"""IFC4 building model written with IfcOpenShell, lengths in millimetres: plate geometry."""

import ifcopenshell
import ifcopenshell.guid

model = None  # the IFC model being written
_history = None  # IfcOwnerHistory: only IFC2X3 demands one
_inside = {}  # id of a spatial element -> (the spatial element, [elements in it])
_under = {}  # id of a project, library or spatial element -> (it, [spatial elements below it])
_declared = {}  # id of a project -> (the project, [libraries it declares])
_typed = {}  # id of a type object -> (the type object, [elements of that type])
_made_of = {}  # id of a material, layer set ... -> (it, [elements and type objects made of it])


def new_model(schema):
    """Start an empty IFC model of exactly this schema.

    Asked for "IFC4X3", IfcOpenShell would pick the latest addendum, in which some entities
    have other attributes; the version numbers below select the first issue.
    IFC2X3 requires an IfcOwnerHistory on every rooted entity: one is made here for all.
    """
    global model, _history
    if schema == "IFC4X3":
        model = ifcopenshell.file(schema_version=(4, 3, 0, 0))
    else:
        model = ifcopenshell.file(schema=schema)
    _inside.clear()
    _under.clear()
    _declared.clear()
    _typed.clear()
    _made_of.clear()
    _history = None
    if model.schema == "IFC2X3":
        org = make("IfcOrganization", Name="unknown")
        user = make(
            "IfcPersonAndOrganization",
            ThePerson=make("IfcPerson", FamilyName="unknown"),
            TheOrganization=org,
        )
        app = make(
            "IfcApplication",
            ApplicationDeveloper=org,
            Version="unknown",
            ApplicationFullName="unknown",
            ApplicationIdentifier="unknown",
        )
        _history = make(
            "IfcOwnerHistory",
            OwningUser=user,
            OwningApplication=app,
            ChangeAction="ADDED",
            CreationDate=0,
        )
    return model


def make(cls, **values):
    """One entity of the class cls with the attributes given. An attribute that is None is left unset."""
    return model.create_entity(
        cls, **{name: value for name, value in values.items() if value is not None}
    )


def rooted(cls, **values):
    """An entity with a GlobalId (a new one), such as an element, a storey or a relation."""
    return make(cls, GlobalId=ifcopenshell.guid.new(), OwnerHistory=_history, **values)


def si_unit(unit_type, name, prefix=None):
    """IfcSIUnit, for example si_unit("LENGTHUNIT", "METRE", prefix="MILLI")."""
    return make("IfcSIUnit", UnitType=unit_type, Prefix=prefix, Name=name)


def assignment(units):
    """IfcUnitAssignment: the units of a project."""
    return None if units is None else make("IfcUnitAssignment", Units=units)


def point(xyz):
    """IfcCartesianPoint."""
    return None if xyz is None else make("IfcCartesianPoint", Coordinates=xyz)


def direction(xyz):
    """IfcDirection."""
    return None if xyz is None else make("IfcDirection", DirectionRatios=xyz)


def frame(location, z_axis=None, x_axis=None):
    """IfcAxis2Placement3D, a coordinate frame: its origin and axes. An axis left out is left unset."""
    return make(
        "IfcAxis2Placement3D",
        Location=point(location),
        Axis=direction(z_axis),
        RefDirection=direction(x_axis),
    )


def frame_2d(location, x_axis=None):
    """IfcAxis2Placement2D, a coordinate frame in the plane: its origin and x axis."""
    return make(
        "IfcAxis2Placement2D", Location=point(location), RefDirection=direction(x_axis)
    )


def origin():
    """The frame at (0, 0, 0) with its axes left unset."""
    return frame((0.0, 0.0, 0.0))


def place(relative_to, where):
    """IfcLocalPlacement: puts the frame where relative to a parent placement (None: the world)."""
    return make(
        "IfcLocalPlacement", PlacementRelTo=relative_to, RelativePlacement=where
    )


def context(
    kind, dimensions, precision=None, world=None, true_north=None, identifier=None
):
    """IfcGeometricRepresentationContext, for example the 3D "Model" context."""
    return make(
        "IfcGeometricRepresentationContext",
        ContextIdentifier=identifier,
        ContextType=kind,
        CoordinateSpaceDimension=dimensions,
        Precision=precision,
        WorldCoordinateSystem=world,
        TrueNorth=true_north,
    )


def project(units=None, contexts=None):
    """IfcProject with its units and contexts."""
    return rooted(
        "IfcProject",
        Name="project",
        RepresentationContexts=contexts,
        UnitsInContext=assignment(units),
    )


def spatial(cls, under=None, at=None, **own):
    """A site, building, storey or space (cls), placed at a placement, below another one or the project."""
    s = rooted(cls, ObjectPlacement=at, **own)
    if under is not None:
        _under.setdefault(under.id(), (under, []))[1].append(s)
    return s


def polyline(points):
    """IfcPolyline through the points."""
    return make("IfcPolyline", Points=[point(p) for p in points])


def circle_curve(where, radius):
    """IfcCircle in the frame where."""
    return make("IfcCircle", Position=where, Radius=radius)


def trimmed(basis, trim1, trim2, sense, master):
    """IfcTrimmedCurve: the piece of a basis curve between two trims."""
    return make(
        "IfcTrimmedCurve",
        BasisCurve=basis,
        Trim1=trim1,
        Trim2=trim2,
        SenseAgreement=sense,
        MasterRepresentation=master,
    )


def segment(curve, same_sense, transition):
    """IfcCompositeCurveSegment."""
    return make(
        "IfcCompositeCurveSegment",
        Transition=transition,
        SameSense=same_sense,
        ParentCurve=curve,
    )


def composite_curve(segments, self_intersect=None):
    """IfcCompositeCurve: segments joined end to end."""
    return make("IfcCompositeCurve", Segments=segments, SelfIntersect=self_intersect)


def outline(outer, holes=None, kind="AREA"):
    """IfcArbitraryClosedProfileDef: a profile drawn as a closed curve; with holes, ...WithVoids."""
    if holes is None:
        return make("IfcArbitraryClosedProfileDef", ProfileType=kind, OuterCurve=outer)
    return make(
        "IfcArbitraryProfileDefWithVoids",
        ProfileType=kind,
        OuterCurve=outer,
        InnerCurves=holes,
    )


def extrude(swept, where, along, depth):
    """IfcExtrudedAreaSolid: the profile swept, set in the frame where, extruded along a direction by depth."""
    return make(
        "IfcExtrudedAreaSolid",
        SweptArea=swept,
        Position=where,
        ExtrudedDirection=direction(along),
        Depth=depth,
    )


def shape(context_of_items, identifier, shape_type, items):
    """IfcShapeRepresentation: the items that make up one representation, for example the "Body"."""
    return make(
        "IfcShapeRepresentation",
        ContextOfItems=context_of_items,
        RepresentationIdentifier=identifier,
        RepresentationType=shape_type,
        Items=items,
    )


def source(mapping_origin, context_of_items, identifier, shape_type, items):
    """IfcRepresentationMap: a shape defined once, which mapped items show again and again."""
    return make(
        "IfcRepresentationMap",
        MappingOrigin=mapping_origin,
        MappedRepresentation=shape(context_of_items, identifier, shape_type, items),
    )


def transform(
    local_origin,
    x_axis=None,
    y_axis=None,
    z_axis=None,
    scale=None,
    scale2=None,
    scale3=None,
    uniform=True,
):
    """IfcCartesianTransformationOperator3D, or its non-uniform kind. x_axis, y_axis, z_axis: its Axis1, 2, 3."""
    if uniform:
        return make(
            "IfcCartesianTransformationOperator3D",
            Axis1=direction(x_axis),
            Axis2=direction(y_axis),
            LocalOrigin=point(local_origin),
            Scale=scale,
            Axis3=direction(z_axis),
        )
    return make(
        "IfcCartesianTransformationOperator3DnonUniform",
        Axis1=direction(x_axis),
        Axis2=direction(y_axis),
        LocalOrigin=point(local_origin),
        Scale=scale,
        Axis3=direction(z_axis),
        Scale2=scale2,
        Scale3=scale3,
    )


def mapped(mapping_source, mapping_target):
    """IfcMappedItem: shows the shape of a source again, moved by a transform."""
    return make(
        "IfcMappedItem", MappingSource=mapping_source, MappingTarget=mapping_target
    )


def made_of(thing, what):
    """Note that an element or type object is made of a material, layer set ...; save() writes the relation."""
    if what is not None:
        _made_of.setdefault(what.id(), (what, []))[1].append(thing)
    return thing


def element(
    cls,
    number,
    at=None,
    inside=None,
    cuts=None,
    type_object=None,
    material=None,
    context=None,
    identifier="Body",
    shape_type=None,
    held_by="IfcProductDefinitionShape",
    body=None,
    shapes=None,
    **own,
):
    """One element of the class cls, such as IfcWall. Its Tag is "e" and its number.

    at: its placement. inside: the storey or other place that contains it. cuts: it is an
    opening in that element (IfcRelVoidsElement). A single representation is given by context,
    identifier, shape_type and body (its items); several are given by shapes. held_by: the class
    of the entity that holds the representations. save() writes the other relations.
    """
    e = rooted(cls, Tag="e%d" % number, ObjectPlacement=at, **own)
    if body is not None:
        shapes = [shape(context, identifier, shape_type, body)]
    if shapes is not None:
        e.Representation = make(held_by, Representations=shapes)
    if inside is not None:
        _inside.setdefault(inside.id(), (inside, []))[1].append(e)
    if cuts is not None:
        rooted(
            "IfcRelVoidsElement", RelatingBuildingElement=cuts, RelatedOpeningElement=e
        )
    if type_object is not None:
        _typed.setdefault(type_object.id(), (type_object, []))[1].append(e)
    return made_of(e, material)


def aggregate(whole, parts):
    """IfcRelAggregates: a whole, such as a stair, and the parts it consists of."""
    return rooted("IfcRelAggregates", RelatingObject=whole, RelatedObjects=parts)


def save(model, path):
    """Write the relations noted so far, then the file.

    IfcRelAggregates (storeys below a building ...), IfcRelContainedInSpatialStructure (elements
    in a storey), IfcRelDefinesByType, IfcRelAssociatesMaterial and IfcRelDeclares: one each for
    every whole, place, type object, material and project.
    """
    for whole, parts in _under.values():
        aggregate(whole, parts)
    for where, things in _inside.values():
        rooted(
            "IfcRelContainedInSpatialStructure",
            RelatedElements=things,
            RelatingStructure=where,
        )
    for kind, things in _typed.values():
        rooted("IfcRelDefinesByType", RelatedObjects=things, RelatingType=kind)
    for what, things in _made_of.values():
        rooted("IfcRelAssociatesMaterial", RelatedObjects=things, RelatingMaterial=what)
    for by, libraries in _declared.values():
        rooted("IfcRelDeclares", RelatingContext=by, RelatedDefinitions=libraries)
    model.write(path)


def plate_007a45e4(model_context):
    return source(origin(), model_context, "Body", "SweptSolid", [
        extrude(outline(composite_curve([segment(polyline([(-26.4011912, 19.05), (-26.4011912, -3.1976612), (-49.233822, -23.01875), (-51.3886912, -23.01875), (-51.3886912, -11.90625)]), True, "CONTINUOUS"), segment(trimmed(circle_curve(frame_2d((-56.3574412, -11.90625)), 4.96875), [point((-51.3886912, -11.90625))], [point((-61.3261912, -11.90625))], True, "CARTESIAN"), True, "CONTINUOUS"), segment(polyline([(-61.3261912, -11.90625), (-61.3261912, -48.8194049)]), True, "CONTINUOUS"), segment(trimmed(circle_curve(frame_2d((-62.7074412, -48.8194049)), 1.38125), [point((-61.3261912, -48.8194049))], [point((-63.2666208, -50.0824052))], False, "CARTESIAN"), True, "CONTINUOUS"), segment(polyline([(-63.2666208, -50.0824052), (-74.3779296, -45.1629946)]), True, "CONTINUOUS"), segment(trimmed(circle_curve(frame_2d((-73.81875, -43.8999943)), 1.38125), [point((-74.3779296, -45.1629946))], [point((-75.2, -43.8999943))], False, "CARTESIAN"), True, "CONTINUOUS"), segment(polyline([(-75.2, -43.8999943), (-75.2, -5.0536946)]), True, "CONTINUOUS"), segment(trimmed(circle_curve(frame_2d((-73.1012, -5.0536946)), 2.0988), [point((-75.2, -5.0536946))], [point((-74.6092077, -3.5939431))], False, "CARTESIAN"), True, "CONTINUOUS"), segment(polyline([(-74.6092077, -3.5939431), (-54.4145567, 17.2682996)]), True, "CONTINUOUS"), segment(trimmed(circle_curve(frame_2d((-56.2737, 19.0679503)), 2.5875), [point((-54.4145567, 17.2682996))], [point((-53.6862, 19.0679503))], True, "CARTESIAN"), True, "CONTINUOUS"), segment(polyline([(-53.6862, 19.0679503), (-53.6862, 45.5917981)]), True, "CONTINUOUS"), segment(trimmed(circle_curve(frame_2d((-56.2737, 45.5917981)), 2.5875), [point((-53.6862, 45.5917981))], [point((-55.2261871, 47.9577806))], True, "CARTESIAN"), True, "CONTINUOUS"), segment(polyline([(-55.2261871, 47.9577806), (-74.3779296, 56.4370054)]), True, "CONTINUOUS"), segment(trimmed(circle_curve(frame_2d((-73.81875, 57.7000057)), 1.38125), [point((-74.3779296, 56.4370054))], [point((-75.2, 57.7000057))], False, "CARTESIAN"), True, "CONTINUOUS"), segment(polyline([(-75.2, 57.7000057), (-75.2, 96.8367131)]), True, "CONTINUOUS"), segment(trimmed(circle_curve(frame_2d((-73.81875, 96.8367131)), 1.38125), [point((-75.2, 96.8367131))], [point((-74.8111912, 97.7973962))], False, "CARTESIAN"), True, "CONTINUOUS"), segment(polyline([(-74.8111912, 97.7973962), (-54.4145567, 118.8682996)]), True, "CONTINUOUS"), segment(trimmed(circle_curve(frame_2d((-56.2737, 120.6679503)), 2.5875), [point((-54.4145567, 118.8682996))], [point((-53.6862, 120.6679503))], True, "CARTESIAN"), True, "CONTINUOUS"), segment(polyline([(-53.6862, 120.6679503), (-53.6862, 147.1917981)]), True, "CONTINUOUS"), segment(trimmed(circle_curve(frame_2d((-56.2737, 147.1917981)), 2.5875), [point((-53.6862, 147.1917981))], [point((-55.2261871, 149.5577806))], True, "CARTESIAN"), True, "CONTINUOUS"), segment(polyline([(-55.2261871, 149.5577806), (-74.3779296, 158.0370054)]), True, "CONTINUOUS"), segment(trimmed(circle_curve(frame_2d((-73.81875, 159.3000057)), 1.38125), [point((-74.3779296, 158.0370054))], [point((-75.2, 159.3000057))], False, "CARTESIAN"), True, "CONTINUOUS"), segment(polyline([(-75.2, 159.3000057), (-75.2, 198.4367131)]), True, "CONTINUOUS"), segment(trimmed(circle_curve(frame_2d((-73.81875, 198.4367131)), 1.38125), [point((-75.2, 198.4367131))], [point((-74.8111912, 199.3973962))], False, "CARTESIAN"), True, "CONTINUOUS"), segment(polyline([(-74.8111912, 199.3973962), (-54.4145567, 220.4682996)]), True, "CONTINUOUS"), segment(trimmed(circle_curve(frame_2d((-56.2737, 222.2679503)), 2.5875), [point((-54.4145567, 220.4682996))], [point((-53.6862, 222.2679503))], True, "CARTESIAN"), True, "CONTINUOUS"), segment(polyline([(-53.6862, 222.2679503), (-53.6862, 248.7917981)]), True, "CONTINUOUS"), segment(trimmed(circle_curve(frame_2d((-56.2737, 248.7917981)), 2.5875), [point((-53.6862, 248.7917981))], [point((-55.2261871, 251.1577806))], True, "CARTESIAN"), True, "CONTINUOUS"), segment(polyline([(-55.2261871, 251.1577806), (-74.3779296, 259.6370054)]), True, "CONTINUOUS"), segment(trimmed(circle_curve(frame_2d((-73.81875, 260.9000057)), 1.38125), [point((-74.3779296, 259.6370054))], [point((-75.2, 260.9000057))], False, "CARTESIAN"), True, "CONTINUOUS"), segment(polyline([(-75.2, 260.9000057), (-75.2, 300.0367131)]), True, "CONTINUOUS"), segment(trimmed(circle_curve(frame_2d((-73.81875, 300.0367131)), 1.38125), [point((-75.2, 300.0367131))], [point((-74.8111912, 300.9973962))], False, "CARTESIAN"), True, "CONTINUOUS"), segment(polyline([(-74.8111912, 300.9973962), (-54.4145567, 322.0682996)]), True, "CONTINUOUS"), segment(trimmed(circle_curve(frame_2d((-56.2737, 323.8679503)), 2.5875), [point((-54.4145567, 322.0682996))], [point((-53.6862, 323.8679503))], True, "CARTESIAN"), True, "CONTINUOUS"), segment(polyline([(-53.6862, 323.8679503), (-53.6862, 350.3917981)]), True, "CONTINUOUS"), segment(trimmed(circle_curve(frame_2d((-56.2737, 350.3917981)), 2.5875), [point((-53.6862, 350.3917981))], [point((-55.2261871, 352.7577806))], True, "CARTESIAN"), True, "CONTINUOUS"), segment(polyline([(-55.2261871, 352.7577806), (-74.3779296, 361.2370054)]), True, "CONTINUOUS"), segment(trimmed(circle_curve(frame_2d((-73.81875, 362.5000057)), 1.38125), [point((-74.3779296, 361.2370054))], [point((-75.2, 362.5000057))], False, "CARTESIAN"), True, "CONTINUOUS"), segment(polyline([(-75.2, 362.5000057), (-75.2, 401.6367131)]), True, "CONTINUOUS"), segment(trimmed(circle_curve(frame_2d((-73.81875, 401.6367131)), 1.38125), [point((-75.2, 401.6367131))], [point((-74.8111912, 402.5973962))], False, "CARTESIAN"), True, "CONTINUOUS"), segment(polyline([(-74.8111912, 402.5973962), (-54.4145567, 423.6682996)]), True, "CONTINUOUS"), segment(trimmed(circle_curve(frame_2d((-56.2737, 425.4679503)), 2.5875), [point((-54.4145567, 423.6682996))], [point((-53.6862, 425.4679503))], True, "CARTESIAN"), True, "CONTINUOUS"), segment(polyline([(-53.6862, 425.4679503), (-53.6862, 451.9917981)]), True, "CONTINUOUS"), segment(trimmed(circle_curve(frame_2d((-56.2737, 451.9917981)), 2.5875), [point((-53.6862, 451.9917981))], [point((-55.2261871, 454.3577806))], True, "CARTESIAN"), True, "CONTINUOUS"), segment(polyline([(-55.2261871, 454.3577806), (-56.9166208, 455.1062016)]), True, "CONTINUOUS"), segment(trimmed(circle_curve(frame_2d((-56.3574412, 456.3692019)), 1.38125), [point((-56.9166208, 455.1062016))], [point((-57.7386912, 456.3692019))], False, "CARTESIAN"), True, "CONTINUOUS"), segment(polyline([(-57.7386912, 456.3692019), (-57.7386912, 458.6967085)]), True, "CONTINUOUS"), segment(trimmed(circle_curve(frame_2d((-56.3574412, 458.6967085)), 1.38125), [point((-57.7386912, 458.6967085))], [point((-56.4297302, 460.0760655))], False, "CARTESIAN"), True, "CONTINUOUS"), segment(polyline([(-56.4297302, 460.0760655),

Your task:
Beginning with the first line above, could you copy every line exactly, up to and including the one with "IFC2X3 demands one"?

Result for this task:
"""IFC4 building model written with IfcOpenShell, lengths in millimetres: plate geometry."""

import ifcopenshell
import ifcopenshell.guid

model = None  # the IFC model being written
_history = None  # IfcOwnerHistory: only IFC2X3 demands one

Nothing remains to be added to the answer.